Where does the string "units" appear in the records? Copy each line that holds it.
BEGIN
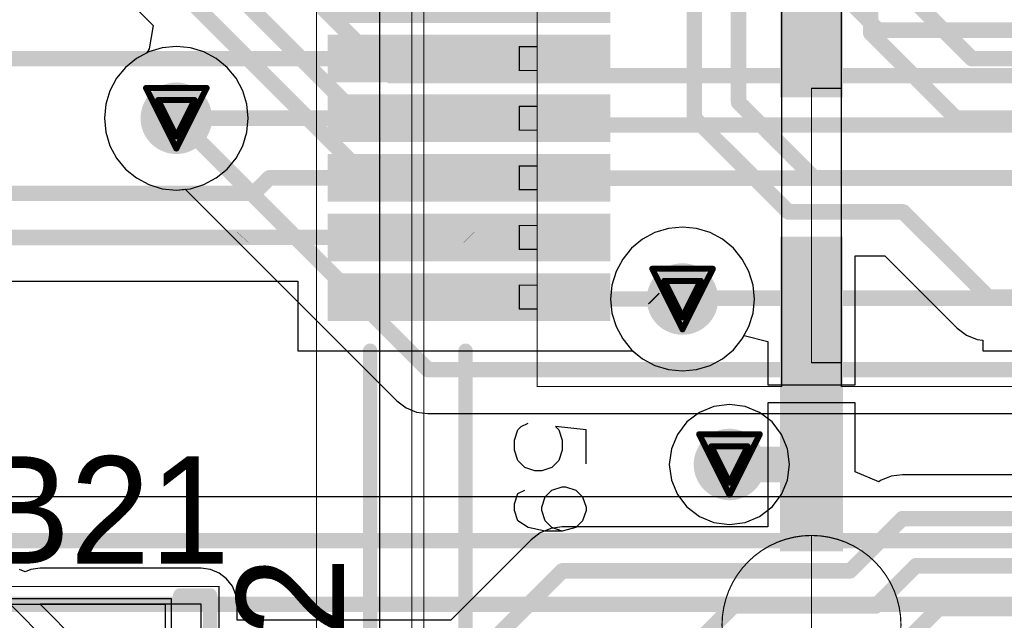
# Model space of a CAD drawing. Header units: millimetres. Extents: x 138 to 555, y 26 to 334.
# Tile 565 of 656: x 288.18 to 296.44, y 225.55 to 230.58. Entities that reach past the tile are written whole.
import ezdxf

# ---------------------------------------------------------------- set-up
doc = ezdxf.new("R2010")
doc.units = ezdxf.units.MM
for name, color, linetype in [('BottomLayer', 5, 'Continuous'), ('DrillDrawing', 1, 'Continuous'), ('Mechanical20', 56, 'Continuous'), ('Mechanical27', 56, 'Continuous'), ('MidLayer1', 16, 'Continuous'), ('MidLayer2', 76, 'Continuous'), ('MidLayer3', 90, 'Continuous'), ('MidLayer4', 156, 'Continuous'), ('MultiLayer', 9, 'Continuous'), ('TopLayer', 1, 'Continuous'), ('TopOverlay', 2, 'Continuous'), ('TopPaste', 8, 'Continuous'), ('TopSolder', 216, 'Continuous'), ('ViaHoleLayer', 16, 'Continuous')]:
    doc.layers.add(name, color=color, linetype=linetype)

# ---------------------------------------------------------------- blocks, each defined once
blk = doc.blocks.new('SOLDER_BRIDGE_R0603_0R_615')
at = {"layer": 'Mechanical20', "const_width": 0.01}
for points in [[(-1.35, 0.65), (-0.2, 0.65)], [(-1.35, -0.65), (-1.35, 0.65)], [(-0.2, 0.65), (1.35, 0.65)], [(1.35, -0.65), (1.35, 0.65)], [(-1.35, -0.65), (1.35, -0.65)]]:
    blk.add_lwpolyline(points, dxfattribs=at)
at = {"layer": 'Mechanical20', "const_width": 0.005}
for points in [[(-1.3525, 0.65, 1), (-1.3475, 0.65, 1)], [(-1.3525, 0.65, 1), (-1.3475, 0.65, 1)], [(-0.2025, 0.65, 1), (-0.1975, 0.65, 1)], [(-0.2025, 0.65, 1), (-0.1975, 0.65, 1)], [(1.3475, 0.65, 1), (1.3525, 0.65, 1)], [(1.3475, 0.65, 1), (1.3525, 0.65, 1)], [(-1.3525, -0.65, 1), (-1.3475, -0.65, 1)], [(-1.3525, -0.65, 1), (-1.3475, -0.65, 1)], [(1.3475, -0.65, 1), (1.3525, -0.65, 1)], [(1.3475, -0.65, 1), (1.3525, -0.65, 1)]]:
    blk.add_lwpolyline(points, format="xyb", close=True, dxfattribs=at)
at = {"layer": 'Mechanical27', "const_width": 0.01}
for points in [[(-0.9, -0.5), (-0.9, 0.5)], [(-0.9, 0.5), (0.9, 0.5)], [(0.9, -0.5), (0.9, 0.5)], [(-0.9, -0.5), (0.9, -0.5)]]:
    blk.add_lwpolyline(points, dxfattribs=at)
at = {"layer": 'Mechanical27', "const_width": 0.005}
for points in [[(-0.9025, 0.5, 1), (-0.8975, 0.5, 1)], [(-0.9025, 0.5, 1), (-0.8975, 0.5, 1)], [(0.8975, 0.5, 1), (0.9025, 0.5, 1)], [(0.8975, 0.5, 1), (0.9025, 0.5, 1)], [(-0.9025, -0.5, 1), (-0.8975, -0.5, 1)], [(-0.9025, -0.5, 1), (-0.8975, -0.5, 1)], [(0.8975, -0.5, 1), (0.9025, -0.5, 1)], [(0.8975, -0.5, 1), (0.9025, -0.5, 1)]]:
    blk.add_lwpolyline(points, format="xyb", close=True, dxfattribs=at)
at = {"layer": 'TopLayer'}
for p, q in [((-1.2, -0.5), (-1.2, 0.5)), ((-1.2, 0.5), (-0.4, 0.5)), ((-0.4, 0.5), (0.1, 0)), ((-0.15, 0.5), (-0.15, 0.5)), ((-0.15, 0.5), (0.35, 0)), ((1.2, 0.5), (-0.15, 0.5)), ((1.2, -0.5), (1.2, 0.5)), ((0.1, 0), (-0.4, -0.5)), ((0.35, 0), (-0.15, -0.5)), ((-1.2, -0.5), (-1.2, -0.5)), ((-0.4, -0.5), (-1.2, -0.5)), ((-0.15, -0.5), (1.2, -0.5))]:
    blk.add_line(p, q, dxfattribs=at)
at = {"layer": 'TopLayer', "const_width": 0.127}
for points in [[(-0.5635, 0, 1), (-0.4365, 0, 1)], [(0.5365, 0, 1), (0.6635, 0, 1)]]:
    blk.add_lwpolyline(points, format="xyb", close=True, dxfattribs=at)
at = {"layer": 'TopOverlay', "const_width": 0.12}
for points in [[(-1.275, 0.575), (-1.025, 0.575)], [(-1.275, 0.175), (-1.275, 0.575)], [(1.025, 0.575), (1.275, 0.575)], [(1.275, -0.575), (1.275, 0.575)], [(-1.275, -0.575), (-1.275, 0.175)], [(-1.275, -0.575), (-1.025, -0.575)], [(1.025, -0.575), (1.275, -0.575)]]:
    blk.add_lwpolyline(points, dxfattribs=at)
at = {"layer": 'TopOverlay', "const_width": 0.06}
for points in [[(-1.305, 0.575, 1), (-1.245, 0.575, 1)], [(-1.305, 0.575, 1), (-1.245, 0.575, 1)], [(-1.055, 0.575, 1), (-0.995, 0.575, 1)], [(0.995, 0.575, 1), (1.055, 0.575, 1)], [(1.245, 0.575, 1), (1.305, 0.575, 1)], [(1.245, 0.575, 1), (1.305, 0.575, 1)], [(-1.305, 0.175, 1), (-1.245, 0.175, 1)], [(-1.305, 0.175, 1), (-1.245, 0.175, 1)], [(-1.305, -0.575, 1), (-1.245, -0.575, 1)], [(-1.305, -0.575, 1), (-1.245, -0.575, 1)], [(-1.055, -0.575, 1), (-0.995, -0.575, 1)], [(0.995, -0.575, 1), (1.055, -0.575, 1)], [(1.245, -0.575, 1), (1.305, -0.575, 1)], [(1.245, -0.575, 1), (1.305, -0.575, 1)]]:
    blk.add_lwpolyline(points, format="xyb", close=True, dxfattribs=at)
at = {"layer": 'TopPaste', "const_width": 0.127}
for points in [[(-0.5635, 0, 1), (-0.4365, 0, 1)], [(0.5365, 0, 1), (0.6635, 0, 1)]]:
    blk.add_lwpolyline(points, format="xyb", close=True, dxfattribs=at)
at = {"layer": 'TopSolder'}
for p, q in [((-0.95, 0.55), (-0.95, 0.55)), ((-0.95, 0.55), (0.95, 0.55)), ((-0.95, -0.55), (-0.95, 0.55)), ((0.95, 0.55), (0.95, -0.55)), ((0.95, -0.55), (-0.95, -0.55))]:
    blk.add_line(p, q, dxfattribs=at)
at = {"layer": 'TopSolder', "const_width": 0.177}
for points in [[(-0.5885, 0, 1), (-0.4115, 0, 1)], [(0.5115, 0, 1), (0.6885, 0, 1)]]:
    blk.add_lwpolyline(points, format="xyb", close=True, dxfattribs=at)
blk = doc.blocks.new('MOD_MB1263_943')
at = {"layer": 'Mechanical27'}
for points, const_width in [([(0.75, 70, 1), (-0.75, 70, 1)], 0.01), ([(-0.7525, 70, 1), (-0.7475, 70, 1)], 0.005), ([(-0.7525, 70, 1), (-0.7475, 70, 1)], 0.005)]:
    blk.add_lwpolyline(points, format="xyb", close=True, dxfattribs=dict(at, const_width=const_width))
at = {"layer": 'Mechanical27', "const_width": 0.01}
blk.add_lwpolyline([(0.75, 70), (-0.75, 70)], dxfattribs=at)
blk = doc.blocks.new('CON_SAMTEC_QSH_060_01_L_D_A_944')
at = {"layer": 'Mechanical20', "const_width": 0.01}
blk.add_lwpolyline([(20.85, -4.15), (-20.85, -4.15)], dxfattribs=at)
at = {"layer": 'Mechanical27'}
for p, q in [((-1.6356, -1.8901), (-1.6642, -2.1472)), ((-1.35, -1.8901), (-1.6356, -1.8901)), ((-1.0729, -1.9186), (-0.9872, -1.8901)), ((-0.9872, -1.8901), (-0.9586, -1.8901)), ((-0.9586, -1.8901), (-0.8729, -1.9186)), ((-1.1586, -2.0615), (-1.13, -1.9758)), ((-1.13, -1.9758), (-1.0729, -1.9186)), ((-0.8729, -1.9186), (-0.8158, -1.9758)), ((-0.8158, -1.9758), (-0.7872, -2.09)), ((-1.1586, -2.09), (-1.1586, -2.0615)), ((-1.6642, -2.1472), (-1.6356, -2.1186)), ((-1.6356, -2.1186), (-1.5499, -2.09)), ((-1.5499, -2.09), (-1.4642, -2.09)), ((-1.4642, -2.09), (-1.3785, -2.1186)), ((-1.3785, -2.1186), (-1.3214, -2.1757)), ((-1.13, -2.1757), (-1.1586, -2.09)), ((-0.7872, -2.09), (-0.8158, -2.1757)), ((-0.7872, -2.09), (-0.7872, -2.2328)), ((-1.3214, -2.1757), (-1.2928, -2.2614)), ((-1.0729, -2.2328), (-1.13, -2.1757)), ((-0.8158, -2.1757), (-0.8729, -2.2328)), ((-1.2928, -2.2614), (-1.2928, -2.3185)), ((-0.9872, -2.2614), (-1.0729, -2.2328)), ((-0.9586, -2.2614), (-0.9872, -2.2614)), ((-0.8729, -2.2328), (-0.9586, -2.2614)), ((-0.7872, -2.2328), (-0.8158, -2.3757)), ((-1.6642, -2.4328), (-1.6928, -2.3757)), ((-1.2928, -2.3185), (-1.3214, -2.4042)), ((-0.8158, -2.3757), (-0.8729, -2.4614)), ((-1.6356, -2.4614), (-1.6642, -2.4328)), ((-1.5499, -2.4899), (-1.6356, -2.4614)), ((-1.3785, -2.4614), (-1.4642, -2.4899)), ((-1.3214, -2.4042), (-1.3785, -2.4614)), ((-1.1015, -2.4614), (-1.13, -2.4042)), ((-1.0158, -2.4899), (-1.1015, -2.4614)), ((-0.8729, -2.4614), (-0.9586, -2.4899)), ((-1.4642, -2.4899), (-1.5499, -2.4899)), ((-0.9586, -2.4899), (-1.0158, -2.4899))]:
    blk.add_line(p, q, dxfattribs=at)
at = {"layer": 'Mechanical27', "const_width": 0.01}
for points in [[(-2, 0.25), (-2, 2.3)], [(-2, 0.25), (-18, 0.25)], [(-2.2, 0.25), (-4.5, 0.25)], [(-4.5, 0), (-4.5, 0.25)], [(-2.2, 0), (-2.2, 0.25)], [(-2.2, 0), (-4.5, 0)], [(-2, -0.25), (-18, -0.25)], [(-2, -2.3), (-2, -0.25)], [(-2, -2.3), (-18, -2.3)], [(-4.65, -2.3), (-4.85, -2.3)], [(-4.85, -2.45), (-4.85, -2.3)], [(-4.65, -2.45), (-4.65, -2.3)], [(-4.15, -2.3), (-4.35, -2.3)], [(-4.35, -2.45), (-4.35, -2.3)], [(-4.15, -2.45), (-4.15, -2.3)], [(-3.65, -2.3), (-3.85, -2.3)], [(-3.85, -2.45), (-3.85, -2.3)], [(-3.65, -2.45), (-3.65, -2.3)], [(-3.15, -2.3), (-3.35, -2.3)], [(-3.35, -2.45), (-3.35, -2.3)], [(-3.15, -2.45), (-3.15, -2.3)], [(-2.65, -2.3), (-2.85, -2.3)], [(-2.85, -2.45), (-2.85, -2.3)], [(-2.65, -2.45), (-2.65, -2.3)], [(-4.65, -2.45), (-4.85, -2.45)], [(-4.15, -2.45), (-4.35, -2.45)], [(-3.65, -2.45), (-3.85, -2.45)], [(-3.15, -2.45), (-3.35, -2.45)], [(-2.65, -2.45), (-2.85, -2.45)], [(20.35, -3.25), (-20.35, -3.25)], [(20.45, -3.35), (-20.45, -3.35)], [(20.635, -3.62), (-20.635, -3.62)]]:
    blk.add_lwpolyline(points, dxfattribs=at)
at = {"layer": 'Mechanical27', "const_width": 0.005}
for points in [[(-4.5025, 0.25, 1), (-4.4975, 0.25, 1)], [(-4.5025, 0.25, 1), (-4.4975, 0.25, 1)], [(-2.2025, 0.25, 1), (-2.1975, 0.25, 1)], [(-2.2025, 0.25, 1), (-2.1975, 0.25, 1)], [(-2.0025, 0.25, 1), (-1.9975, 0.25, 1)], [(-2.0025, 0.25, 1), (-1.9975, 0.25, 1)], [(-4.5025, 0, 1), (-4.4975, 0, 1)], [(-4.5025, 0, 1), (-4.4975, 0, 1)], [(-2.2025, 0, 1), (-2.1975, 0, 1)], [(-2.2025, 0, 1), (-2.1975, 0, 1)], [(-2.0025, -0.25, 1), (-1.9975, -0.25, 1)], [(-2.0025, -0.25, 1), (-1.9975, -0.25, 1)], [(-4.8525, -2.3, 1), (-4.8475, -2.3, 1)], [(-4.8525, -2.3, 1), (-4.8475, -2.3, 1)], [(-4.6525, -2.3, 1), (-4.6475, -2.3, 1)], [(-4.6525, -2.3, 1), (-4.6475, -2.3, 1)], [(-4.3525, -2.3, 1), (-4.3475, -2.3, 1)], [(-4.3525, -2.3, 1), (-4.3475, -2.3, 1)], [(-4.1525, -2.3, 1), (-4.1475, -2.3, 1)], [(-4.1525, -2.3, 1), (-4.1475, -2.3, 1)], [(-3.8525, -2.3, 1), (-3.8475, -2.3, 1)], [(-3.8525, -2.3, 1), (-3.8475, -2.3, 1)], [(-3.6525, -2.3, 1), (-3.6475, -2.3, 1)], [(-3.6525, -2.3, 1), (-3.6475, -2.3, 1)], [(-3.3525, -2.3, 1), (-3.3475, -2.3, 1)], [(-3.3525, -2.3, 1), (-3.3475, -2.3, 1)], [(-3.1525, -2.3, 1), (-3.1475, -2.3, 1)], [(-3.1525, -2.3, 1), (-3.1475, -2.3, 1)], [(-2.8525, -2.3, 1), (-2.8475, -2.3, 1)], [(-2.8525, -2.3, 1), (-2.8475, -2.3, 1)], [(-2.6525, -2.3, 1), (-2.6475, -2.3, 1)], [(-2.6525, -2.3, 1), (-2.6475, -2.3, 1)], [(-2.0025, -2.3, 1), (-1.9975, -2.3, 1)], [(-2.0025, -2.3, 1), (-1.9975, -2.3, 1)], [(-4.8525, -2.45, 1), (-4.8475, -2.45, 1)], [(-4.8525, -2.45, 1), (-4.8475, -2.45, 1)], [(-4.6525, -2.45, 1), (-4.6475, -2.45, 1)], [(-4.6525, -2.45, 1), (-4.6475, -2.45, 1)], [(-4.3525, -2.45, 1), (-4.3475, -2.45, 1)], [(-4.3525, -2.45, 1), (-4.3475, -2.45, 1)], [(-4.1525, -2.45, 1), (-4.1475, -2.45, 1)], [(-4.1525, -2.45, 1), (-4.1475, -2.45, 1)], [(-3.8525, -2.45, 1), (-3.8475, -2.45, 1)], [(-3.8525, -2.45, 1), (-3.8475, -2.45, 1)], [(-3.6525, -2.45, 1), (-3.6475, -2.45, 1)], [(-3.6525, -2.45, 1), (-3.6475, -2.45, 1)], [(-3.3525, -2.45, 1), (-3.3475, -2.45, 1)], [(-3.3525, -2.45, 1), (-3.3475, -2.45, 1)], [(-3.1525, -2.45, 1), (-3.1475, -2.45, 1)], [(-3.1525, -2.45, 1), (-3.1475, -2.45, 1)], [(-2.8525, -2.45, 1), (-2.8475, -2.45, 1)], [(-2.8525, -2.45, 1), (-2.8475, -2.45, 1)], [(-2.6525, -2.45, 1), (-2.6475, -2.45, 1)], [(-2.6525, -2.45, 1), (-2.6475, -2.45, 1)]]:
    blk.add_lwpolyline(points, format="xyb", close=True, dxfattribs=at)
at = {"layer": 'TopLayer'}
for points in [[(-9.175, -0.215), (-4.475, -0.215), (-9.175, 0.215), (-4.475, 0.215)], [(-3.2075, -0.215), (-0.6675, -0.215), (-3.2075, 0.215), (-0.6675, 0.215)], [(-4.6, -4.005), (-4.6, -1.735), (-4.9, -4.005), (-4.9, -1.735)], [(-4.1, -4.005), (-4.1, -1.735), (-4.4, -4.005), (-4.4, -1.735)], [(-3.6, -4.005), (-3.6, -1.735), (-3.9, -4.005), (-3.9, -1.735)], [(-3.1, -4.005), (-3.1, -1.735), (-3.4, -4.005), (-3.4, -1.735)], [(-2.6, -4.005), (-2.6, -1.735), (-2.9, -4.005), (-2.9, -1.735)]]:
    blk.add_solid(points, dxfattribs=at)
at = {"layer": 'TopOverlay', "const_width": 0.12}
for points in [[(2.3, -2.9), (-2.3, -2.9)], [(2.3, -3.7), (-2.3, -3.7)]]:
    blk.add_lwpolyline(points, dxfattribs=at)
at = {"layer": 'TopOverlay', "const_width": 0.06}
for points in [[(-2.33, -2.9, 1), (-2.27, -2.9, 1)], [(-2.33, -3.7, 1), (-2.27, -3.7, 1)]]:
    blk.add_lwpolyline(points, format="xyb", close=True, dxfattribs=at)
at = {"layer": 'TopPaste'}
for points in [[(-9.175, -0.215), (-4.475, -0.215), (-9.175, 0.215), (-4.475, 0.215)], [(-3.2075, -0.215), (-0.6675, -0.215), (-3.2075, 0.215), (-0.6675, 0.215)], [(-4.6, -4.005), (-4.6, -1.735), (-4.9, -4.005), (-4.9, -1.735)], [(-4.1, -4.005), (-4.1, -1.735), (-4.4, -4.005), (-4.4, -1.735)], [(-3.6, -4.005), (-3.6, -1.735), (-3.9, -4.005), (-3.9, -1.735)], [(-3.1, -4.005), (-3.1, -1.735), (-3.4, -4.005), (-3.4, -1.735)], [(-2.6, -4.005), (-2.6, -1.735), (-2.9, -4.005), (-2.9, -1.735)]]:
    blk.add_solid(points, dxfattribs=at)
at = {"layer": 'TopSolder'}
for points in [[(-9.225, -0.265), (-4.425, -0.265), (-9.225, 0.265), (-4.425, 0.265)], [(-3.2575, -0.265), (-0.6175, -0.265), (-3.2575, 0.265), (-0.6175, 0.265)], [(-5.05, -4.055), (-5.05, -1.685), (-5.45, -4.055), (-5.45, -1.685)], [(-4.55, -4.055), (-4.55, -1.685), (-4.95, -4.055), (-4.95, -1.685)], [(-4.05, -4.055), (-4.05, -1.685), (-4.45, -4.055), (-4.45, -1.685)], [(-3.55, -4.055), (-3.55, -1.685), (-3.95, -4.055), (-3.95, -1.685)], [(-3.05, -4.055), (-3.05, -1.685), (-3.45, -4.055), (-3.45, -1.685)], [(-2.55, -4.055), (-2.55, -1.685), (-2.95, -4.055), (-2.95, -1.685)]]:
    blk.add_solid(points, dxfattribs=at)

msp = doc.modelspace()

# ---------------------------------------------------------------- linework, layer by layer
at = {"layer": 'BottomLayer'}
for p, q in [((288.5056, 231.3293), (289.3008, 230.5342)), ((289.3008, 230.5342), (289.2694, 230.34)), ((289.2473, 230.3048), (289.161, 230.2587)), ((289.2694, 230.34), (289.2473, 230.3048)), ((289.161, 230.2587), (289.0696, 230.1837)), ((289.0696, 230.1837), (288.9947, 230.0923)), ((288.9947, 230.0923), (288.9389, 229.9881)), ((288.9389, 229.9881), (288.9046, 229.875)), ((288.9046, 229.875), (288.893, 229.7574)), ((288.893, 229.7574), (288.9046, 229.6398)), ((288.9046, 229.6398), (288.9389, 229.5267)), ((288.9389, 229.5267), (288.9947, 229.4224)), ((288.9947, 229.4224), (289.0696, 229.3311)), ((289.0696, 229.3311), (289.161, 229.2561)), ((289.161, 229.2561), (289.2652, 229.2004)), ((289.2652, 229.2004), (289.3783, 229.1661)), ((289.3783, 229.1661), (289.4959, 229.1545)), ((289.4959, 229.1545), (289.5708, 229.1619)), ((289.5708, 229.1619), (291.3452, 227.3875)), ((291.3452, 227.3875), (291.4215, 227.329)), ((291.4215, 227.329), (291.5103, 227.2922)), ((291.5103, 227.2922), (291.6055, 227.2796)), ((291.6055, 227.2796), (296.6756, 227.2796)), ((302.6306, 226.5815), (286.7509, 226.5815))]:
    msp.add_line(p, q, dxfattribs=at)
at = {"layer": 'BottomLayer', "const_width": 0.13}
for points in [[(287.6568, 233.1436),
END
### Answer to the problem
# Model space of a CAD drawing. Header units: millimetres. Extents: x 138 to 555, y 26 to 334.
doc.units = ezdxf.units.MM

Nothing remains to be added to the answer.